- Exercise requirements: This exercise asks for every line of the material that contains the word "Finish".

══ Supplied material

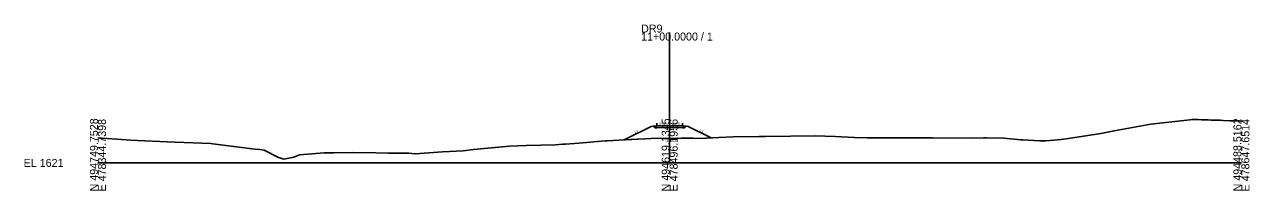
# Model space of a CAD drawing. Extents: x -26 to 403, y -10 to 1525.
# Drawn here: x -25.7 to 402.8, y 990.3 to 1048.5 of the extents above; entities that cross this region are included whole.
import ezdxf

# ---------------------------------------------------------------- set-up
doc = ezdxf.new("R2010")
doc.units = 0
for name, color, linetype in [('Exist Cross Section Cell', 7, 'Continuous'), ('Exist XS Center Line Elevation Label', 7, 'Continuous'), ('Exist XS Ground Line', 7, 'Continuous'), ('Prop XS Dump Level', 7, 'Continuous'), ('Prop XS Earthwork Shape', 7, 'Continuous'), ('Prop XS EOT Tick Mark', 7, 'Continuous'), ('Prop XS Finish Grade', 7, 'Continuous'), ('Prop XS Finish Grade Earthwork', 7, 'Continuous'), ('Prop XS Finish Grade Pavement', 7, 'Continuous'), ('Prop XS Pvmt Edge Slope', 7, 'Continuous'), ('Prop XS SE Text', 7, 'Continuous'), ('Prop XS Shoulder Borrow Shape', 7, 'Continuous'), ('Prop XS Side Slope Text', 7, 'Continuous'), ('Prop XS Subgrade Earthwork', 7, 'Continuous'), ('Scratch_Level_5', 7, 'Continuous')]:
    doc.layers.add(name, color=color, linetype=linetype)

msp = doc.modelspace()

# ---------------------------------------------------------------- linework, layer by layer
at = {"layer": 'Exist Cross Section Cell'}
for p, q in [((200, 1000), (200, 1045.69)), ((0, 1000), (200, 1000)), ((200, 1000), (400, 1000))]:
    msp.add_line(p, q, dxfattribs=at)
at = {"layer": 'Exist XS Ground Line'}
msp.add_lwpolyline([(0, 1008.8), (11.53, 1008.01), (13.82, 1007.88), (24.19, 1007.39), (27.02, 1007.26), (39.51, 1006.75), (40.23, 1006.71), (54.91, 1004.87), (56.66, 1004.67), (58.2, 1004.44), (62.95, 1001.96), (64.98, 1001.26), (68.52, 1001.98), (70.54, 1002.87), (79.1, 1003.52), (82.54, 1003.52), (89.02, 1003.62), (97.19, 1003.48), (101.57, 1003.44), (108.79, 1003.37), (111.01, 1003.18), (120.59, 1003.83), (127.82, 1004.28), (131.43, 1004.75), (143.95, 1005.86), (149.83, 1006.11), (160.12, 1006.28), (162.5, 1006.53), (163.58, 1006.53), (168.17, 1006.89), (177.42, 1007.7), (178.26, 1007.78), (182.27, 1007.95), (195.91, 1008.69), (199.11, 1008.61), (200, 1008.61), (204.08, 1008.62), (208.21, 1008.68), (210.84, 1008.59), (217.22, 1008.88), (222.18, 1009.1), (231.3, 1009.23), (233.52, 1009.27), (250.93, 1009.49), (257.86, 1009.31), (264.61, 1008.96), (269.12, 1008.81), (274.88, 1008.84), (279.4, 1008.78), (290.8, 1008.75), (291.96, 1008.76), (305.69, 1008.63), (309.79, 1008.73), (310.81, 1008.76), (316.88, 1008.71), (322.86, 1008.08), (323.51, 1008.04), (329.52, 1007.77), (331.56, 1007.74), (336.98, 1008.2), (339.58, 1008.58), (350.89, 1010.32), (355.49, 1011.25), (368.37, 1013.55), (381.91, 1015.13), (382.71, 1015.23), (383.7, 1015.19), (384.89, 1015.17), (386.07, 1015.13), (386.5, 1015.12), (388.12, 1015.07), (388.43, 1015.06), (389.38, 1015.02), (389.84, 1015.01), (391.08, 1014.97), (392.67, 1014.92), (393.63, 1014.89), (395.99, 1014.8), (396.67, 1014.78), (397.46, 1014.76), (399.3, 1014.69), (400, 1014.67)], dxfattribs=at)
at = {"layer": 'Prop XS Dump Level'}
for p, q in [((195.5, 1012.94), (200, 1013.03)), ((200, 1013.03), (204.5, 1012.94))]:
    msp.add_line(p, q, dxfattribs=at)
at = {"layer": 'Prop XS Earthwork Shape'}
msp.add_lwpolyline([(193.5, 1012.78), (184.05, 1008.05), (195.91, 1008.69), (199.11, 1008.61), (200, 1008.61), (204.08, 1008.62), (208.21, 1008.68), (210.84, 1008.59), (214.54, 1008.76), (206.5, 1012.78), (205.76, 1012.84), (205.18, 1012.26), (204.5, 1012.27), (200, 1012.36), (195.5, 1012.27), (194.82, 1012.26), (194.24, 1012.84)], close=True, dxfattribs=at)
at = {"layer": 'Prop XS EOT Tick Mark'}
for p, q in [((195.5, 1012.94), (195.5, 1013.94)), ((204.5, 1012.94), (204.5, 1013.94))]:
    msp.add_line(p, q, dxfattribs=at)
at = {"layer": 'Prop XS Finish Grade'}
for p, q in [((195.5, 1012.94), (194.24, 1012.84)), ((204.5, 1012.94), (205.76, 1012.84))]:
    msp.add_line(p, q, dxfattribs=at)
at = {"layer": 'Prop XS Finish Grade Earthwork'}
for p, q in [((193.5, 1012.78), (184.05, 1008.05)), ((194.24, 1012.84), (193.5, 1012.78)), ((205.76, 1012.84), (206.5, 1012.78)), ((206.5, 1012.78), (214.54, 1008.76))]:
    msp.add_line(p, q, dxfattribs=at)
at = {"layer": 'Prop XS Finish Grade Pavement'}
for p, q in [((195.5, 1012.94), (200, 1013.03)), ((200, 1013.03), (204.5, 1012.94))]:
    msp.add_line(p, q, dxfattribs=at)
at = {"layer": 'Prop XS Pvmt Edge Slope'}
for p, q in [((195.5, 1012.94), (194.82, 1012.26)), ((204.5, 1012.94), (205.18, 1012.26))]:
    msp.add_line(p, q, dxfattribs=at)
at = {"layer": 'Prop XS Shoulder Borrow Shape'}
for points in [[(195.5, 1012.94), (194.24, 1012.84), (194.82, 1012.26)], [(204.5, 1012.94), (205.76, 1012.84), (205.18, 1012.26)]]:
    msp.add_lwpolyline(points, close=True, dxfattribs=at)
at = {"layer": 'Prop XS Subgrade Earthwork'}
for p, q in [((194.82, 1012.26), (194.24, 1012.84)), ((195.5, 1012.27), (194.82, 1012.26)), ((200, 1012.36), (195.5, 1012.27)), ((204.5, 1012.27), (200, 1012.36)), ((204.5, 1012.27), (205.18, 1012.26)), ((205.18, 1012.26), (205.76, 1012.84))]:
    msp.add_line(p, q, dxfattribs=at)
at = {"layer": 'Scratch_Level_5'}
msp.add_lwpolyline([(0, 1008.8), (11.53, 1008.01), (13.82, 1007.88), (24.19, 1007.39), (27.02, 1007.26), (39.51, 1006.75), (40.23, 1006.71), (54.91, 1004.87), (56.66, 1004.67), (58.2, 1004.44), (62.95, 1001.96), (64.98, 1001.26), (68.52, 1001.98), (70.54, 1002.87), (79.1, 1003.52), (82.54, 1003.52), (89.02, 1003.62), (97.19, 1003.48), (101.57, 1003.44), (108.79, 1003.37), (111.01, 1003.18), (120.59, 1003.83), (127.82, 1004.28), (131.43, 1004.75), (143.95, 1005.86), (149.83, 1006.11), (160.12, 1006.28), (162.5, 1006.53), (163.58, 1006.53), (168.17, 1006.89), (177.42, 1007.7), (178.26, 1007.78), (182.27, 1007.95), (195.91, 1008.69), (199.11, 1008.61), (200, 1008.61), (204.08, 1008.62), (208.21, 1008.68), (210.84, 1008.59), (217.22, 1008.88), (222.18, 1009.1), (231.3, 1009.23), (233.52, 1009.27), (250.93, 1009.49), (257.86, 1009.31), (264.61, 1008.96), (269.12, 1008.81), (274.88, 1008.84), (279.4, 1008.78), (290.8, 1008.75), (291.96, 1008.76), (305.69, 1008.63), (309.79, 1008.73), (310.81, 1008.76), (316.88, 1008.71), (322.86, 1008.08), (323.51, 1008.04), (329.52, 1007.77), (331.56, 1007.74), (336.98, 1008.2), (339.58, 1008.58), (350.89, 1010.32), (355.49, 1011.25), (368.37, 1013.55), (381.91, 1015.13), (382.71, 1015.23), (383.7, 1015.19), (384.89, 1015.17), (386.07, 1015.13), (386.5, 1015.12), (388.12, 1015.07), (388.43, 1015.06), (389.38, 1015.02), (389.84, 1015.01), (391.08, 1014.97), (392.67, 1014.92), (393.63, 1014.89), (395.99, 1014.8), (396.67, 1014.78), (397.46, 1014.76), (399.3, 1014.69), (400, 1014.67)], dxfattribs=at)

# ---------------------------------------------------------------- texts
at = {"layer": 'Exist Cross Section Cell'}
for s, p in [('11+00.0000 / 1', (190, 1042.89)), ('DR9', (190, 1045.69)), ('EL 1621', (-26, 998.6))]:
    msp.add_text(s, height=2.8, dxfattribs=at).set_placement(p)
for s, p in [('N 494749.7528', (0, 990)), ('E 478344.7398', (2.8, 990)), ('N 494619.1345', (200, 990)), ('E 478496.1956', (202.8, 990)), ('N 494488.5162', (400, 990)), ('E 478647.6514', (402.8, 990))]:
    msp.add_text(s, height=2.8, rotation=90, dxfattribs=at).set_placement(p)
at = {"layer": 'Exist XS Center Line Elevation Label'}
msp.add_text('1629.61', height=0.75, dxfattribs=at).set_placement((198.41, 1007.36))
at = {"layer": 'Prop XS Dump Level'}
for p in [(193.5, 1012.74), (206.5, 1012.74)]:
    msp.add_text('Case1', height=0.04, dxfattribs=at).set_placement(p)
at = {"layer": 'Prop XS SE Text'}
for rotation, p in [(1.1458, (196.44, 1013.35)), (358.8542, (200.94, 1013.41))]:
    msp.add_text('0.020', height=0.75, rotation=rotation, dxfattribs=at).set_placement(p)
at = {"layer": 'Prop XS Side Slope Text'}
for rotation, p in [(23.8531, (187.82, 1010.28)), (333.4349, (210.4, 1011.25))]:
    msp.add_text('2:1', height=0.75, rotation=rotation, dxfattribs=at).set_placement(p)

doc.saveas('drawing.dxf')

════

- Exercise result:
for name, color, linetype in [('Exist Cross Section Cell', 7, 'Continuous'), ('Exist XS Center Line Elevation Label', 7, 'Continuous'), ('Exist XS Ground Line', 7, 'Continuous'), ('Prop XS Dump Level', 7, 'Continuous'), ('Prop XS Earthwork Shape', 7, 'Continuous'), ('Prop XS EOT Tick Mark', 7, 'Continuous'), ('Prop XS Finish Grade', 7, 'Continuous'), ('Prop XS Finish Grade Earthwork', 7, 'Continuous'), ('Prop XS Finish Grade Pavement', 7, 'Continuous'), ('Prop XS Pvmt Edge Slope', 7, 'Continuous'), ('Prop XS SE Text', 7, 'Continuous'), ('Prop XS Shoulder Borrow Shape', 7, 'Continuous'), ('Prop XS Side Slope Text', 7, 'Continuous'), ('Prop XS Subgrade Earthwork', 7, 'Continuous'), ('Scratch_Level_5', 7, 'Continuous')]:
at = {"layer": 'Prop XS Finish Grade'}
at = {"layer": 'Prop XS Finish Grade Earthwork'}
at = {"layer": 'Prop XS Finish Grade Pavement'}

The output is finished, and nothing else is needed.